[Data items]
------------

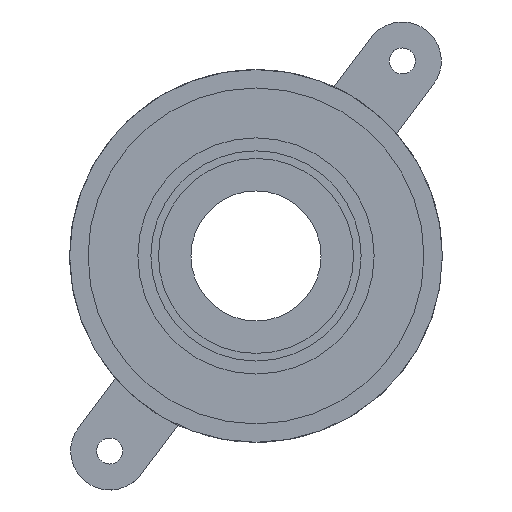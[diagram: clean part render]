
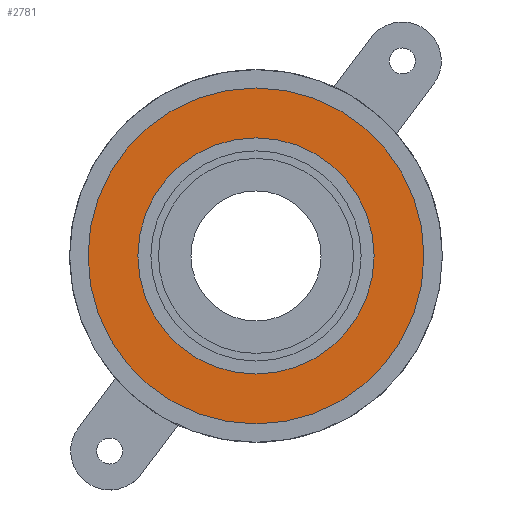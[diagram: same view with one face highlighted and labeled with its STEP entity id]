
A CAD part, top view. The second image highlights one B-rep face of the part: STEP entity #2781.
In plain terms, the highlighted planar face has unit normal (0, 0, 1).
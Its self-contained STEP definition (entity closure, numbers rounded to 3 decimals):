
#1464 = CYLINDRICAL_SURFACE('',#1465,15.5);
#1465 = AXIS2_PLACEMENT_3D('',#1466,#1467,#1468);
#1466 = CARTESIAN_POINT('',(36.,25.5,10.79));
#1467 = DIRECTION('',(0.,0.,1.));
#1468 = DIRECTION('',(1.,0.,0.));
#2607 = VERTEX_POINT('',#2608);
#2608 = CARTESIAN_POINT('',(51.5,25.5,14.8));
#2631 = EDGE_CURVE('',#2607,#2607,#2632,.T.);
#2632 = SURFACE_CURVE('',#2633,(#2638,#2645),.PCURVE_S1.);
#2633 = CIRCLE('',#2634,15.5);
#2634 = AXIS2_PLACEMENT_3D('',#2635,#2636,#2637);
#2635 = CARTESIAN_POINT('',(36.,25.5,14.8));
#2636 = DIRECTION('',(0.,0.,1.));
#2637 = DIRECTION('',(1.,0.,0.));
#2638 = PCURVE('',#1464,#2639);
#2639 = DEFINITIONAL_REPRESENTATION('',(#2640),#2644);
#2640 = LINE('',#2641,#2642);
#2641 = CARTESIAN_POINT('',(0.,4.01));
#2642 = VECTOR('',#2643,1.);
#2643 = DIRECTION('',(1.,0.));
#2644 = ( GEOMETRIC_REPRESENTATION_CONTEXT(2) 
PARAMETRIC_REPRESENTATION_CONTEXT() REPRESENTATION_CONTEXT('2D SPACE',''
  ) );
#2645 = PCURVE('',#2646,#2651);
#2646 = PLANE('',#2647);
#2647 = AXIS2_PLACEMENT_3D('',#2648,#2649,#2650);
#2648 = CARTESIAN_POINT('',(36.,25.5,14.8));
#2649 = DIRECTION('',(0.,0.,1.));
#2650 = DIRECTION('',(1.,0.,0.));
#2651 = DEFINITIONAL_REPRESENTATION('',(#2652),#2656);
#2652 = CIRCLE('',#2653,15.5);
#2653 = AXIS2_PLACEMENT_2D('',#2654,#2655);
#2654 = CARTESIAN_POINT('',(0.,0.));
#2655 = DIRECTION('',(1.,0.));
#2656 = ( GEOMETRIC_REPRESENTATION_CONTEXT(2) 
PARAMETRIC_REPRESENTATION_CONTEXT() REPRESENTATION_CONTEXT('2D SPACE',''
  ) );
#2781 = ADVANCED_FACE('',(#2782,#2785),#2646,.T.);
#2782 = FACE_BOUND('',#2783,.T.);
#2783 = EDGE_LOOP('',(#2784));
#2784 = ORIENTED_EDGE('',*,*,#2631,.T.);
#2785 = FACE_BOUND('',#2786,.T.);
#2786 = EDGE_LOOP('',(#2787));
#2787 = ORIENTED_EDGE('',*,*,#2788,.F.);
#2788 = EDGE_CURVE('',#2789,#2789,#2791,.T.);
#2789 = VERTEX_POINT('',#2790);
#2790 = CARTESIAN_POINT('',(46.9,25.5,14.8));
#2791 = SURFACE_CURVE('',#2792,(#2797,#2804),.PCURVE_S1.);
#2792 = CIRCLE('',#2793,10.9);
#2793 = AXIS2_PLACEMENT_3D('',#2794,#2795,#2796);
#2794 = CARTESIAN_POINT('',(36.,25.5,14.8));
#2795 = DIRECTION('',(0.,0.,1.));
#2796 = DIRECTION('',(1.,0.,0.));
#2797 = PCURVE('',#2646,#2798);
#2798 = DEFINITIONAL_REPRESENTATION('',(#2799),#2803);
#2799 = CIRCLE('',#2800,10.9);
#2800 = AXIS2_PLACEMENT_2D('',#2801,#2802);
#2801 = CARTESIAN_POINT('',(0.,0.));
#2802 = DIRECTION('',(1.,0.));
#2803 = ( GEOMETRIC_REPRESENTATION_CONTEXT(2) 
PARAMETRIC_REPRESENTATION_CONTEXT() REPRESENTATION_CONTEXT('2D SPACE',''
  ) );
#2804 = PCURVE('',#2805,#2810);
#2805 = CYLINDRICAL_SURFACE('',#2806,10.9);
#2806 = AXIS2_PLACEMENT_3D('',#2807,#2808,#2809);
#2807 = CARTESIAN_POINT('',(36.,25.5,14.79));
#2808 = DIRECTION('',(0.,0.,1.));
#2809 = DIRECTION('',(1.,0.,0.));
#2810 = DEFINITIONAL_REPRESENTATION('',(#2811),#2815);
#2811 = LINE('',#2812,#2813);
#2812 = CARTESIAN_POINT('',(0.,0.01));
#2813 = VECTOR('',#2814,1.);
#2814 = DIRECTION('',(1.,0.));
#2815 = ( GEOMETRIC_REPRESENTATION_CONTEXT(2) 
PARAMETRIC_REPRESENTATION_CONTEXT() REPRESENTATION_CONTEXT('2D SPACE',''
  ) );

------------

- About this exercise
The answer must be the full set of records, repeated exactly, with no pictures.

- Answer section
[diagram: clean part render]
[diagram: same view with one face highlighted and labeled with its STEP entity id]
A CAD part, top view. The second image highlights one B-rep face of the part: STEP entity #2781.
In plain terms, the highlighted planar face has unit normal (0, 0, 1).
Its self-contained STEP definition (entity closure, numbers rounded to 3 decimals):
#1464 = CYLINDRICAL_SURFACE('',#1465,15.5);
#1465 = AXIS2_PLACEMENT_3D('',#1466,#1467,#1468);
#1466 = CARTESIAN_POINT('',(36.,25.5,10.79));
#1467 = DIRECTION('',(0.,0.,1.));
#1468 = DIRECTION('',(1.,0.,0.));
#2607 = VERTEX_POINT('',#2608);
#2608 = CARTESIAN_POINT('',(51.5,25.5,14.8));
#2631 = EDGE_CURVE('',#2607,#2607,#2632,.T.);
#2632 = SURFACE_CURVE('',#2633,(#2638,#2645),.PCURVE_S1.);
#2633 = CIRCLE('',#2634,15.5);
#2634 = AXIS2_PLACEMENT_3D('',#2635,#2636,#2637);
#2635 = CARTESIAN_POINT('',(36.,25.5,14.8));
#2636 = DIRECTION('',(0.,0.,1.));
#2637 = DIRECTION('',(1.,0.,0.));
#2638 = PCURVE('',#1464,#2639);
#2639 = DEFINITIONAL_REPRESENTATION('',(#2640),#2644);
#2640 = LINE('',#2641,#2642);
#2641 = CARTESIAN_POINT('',(0.,4.01));
#2642 = VECTOR('',#2643,1.);
#2643 = DIRECTION('',(1.,0.));
#2644 = ( GEOMETRIC_REPRESENTATION_CONTEXT(2) 
PARAMETRIC_REPRESENTATION_CONTEXT() REPRESENTATION_CONTEXT('2D SPACE',''
  ) );
#2645 = PCURVE('',#2646,#2651);
#2646 = PLANE('',#2647);
#2647 = AXIS2_PLACEMENT_3D('',#2648,#2649,#2650);
#2648 = CARTESIAN_POINT('',(36.,25.5,14.8));
#2649 = DIRECTION('',(0.,0.,1.));
#2650 = DIRECTION('',(1.,0.,0.));
#2651 = DEFINITIONAL_REPRESENTATION('',(#2652),#2656);
#2652 = CIRCLE('',#2653,15.5);
#2653 = AXIS2_PLACEMENT_2D('',#2654,#2655);
#2654 = CARTESIAN_POINT('',(0.,0.));
#2655 = DIRECTION('',(1.,0.));
#2656 = ( GEOMETRIC_REPRESENTATION_CONTEXT(2) 
PARAMETRIC_REPRESENTATION_CONTEXT() REPRESENTATION_CONTEXT('2D SPACE',''
  ) );
#2781 = ADVANCED_FACE('',(#2782,#2785),#2646,.T.);
#2782 = FACE_BOUND('',#2783,.T.);
#2783 = EDGE_LOOP('',(#2784));
#2784 = ORIENTED_EDGE('',*,*,#2631,.T.);
#2785 = FACE_BOUND('',#2786,.T.);
#2786 = EDGE_LOOP('',(#2787));
#2787 = ORIENTED_EDGE('',*,*,#2788,.F.);
#2788 = EDGE_CURVE('',#2789,#2789,#2791,.T.);
#2789 = VERTEX_POINT('',#2790);
#2790 = CARTESIAN_POINT('',(46.9,25.5,14.8));
#2791 = SURFACE_CURVE('',#2792,(#2797,#2804),.PCURVE_S1.);
#2792 = CIRCLE('',#2793,10.9);
#2793 = AXIS2_PLACEMENT_3D('',#2794,#2795,#2796);
#2794 = CARTESIAN_POINT('',(36.,25.5,14.8));
#2795 = DIRECTION('',(0.,0.,1.));
#2796 = DIRECTION('',(1.,0.,0.));
#2797 = PCURVE('',#2646,#2798);
#2798 = DEFINITIONAL_REPRESENTATION('',(#2799),#2803);
#2799 = CIRCLE('',#2800,10.9);
#2800 = AXIS2_PLACEMENT_2D('',#2801,#2802);
#2801 = CARTESIAN_POINT('',(0.,0.));
#2802 = DIRECTION('',(1.,0.));
#2803 = ( GEOMETRIC_REPRESENTATION_CONTEXT(2) 
PARAMETRIC_REPRESENTATION_CONTEXT() REPRESENTATION_CONTEXT('2D SPACE',''
  ) );
#2804 = PCURVE('',#2805,#2810);
#2805 = CYLINDRICAL_SURFACE('',#2806,10.9);
#2806 = AXIS2_PLACEMENT_3D('',#2807,#2808,#2809);
#2807 = CARTESIAN_POINT('',(36.,25.5,14.79));
#2808 = DIRECTION('',(0.,0.,1.));
#2809 = DIRECTION('',(1.,0.,0.));
#2810 = DEFINITIONAL_REPRESENTATION('',(#2811),#2815);
#2811 = LINE('',#2812,#2813);
#2812 = CARTESIAN_POINT('',(0.,0.01));
#2813 = VECTOR('',#2814,1.);
#2814 = DIRECTION('',(1.,0.));
#2815 = ( GEOMETRIC_REPRESENTATION_CONTEXT(2) 
PARAMETRIC_REPRESENTATION_CONTEXT() REPRESENTATION_CONTEXT('2D SPACE',''
  ) );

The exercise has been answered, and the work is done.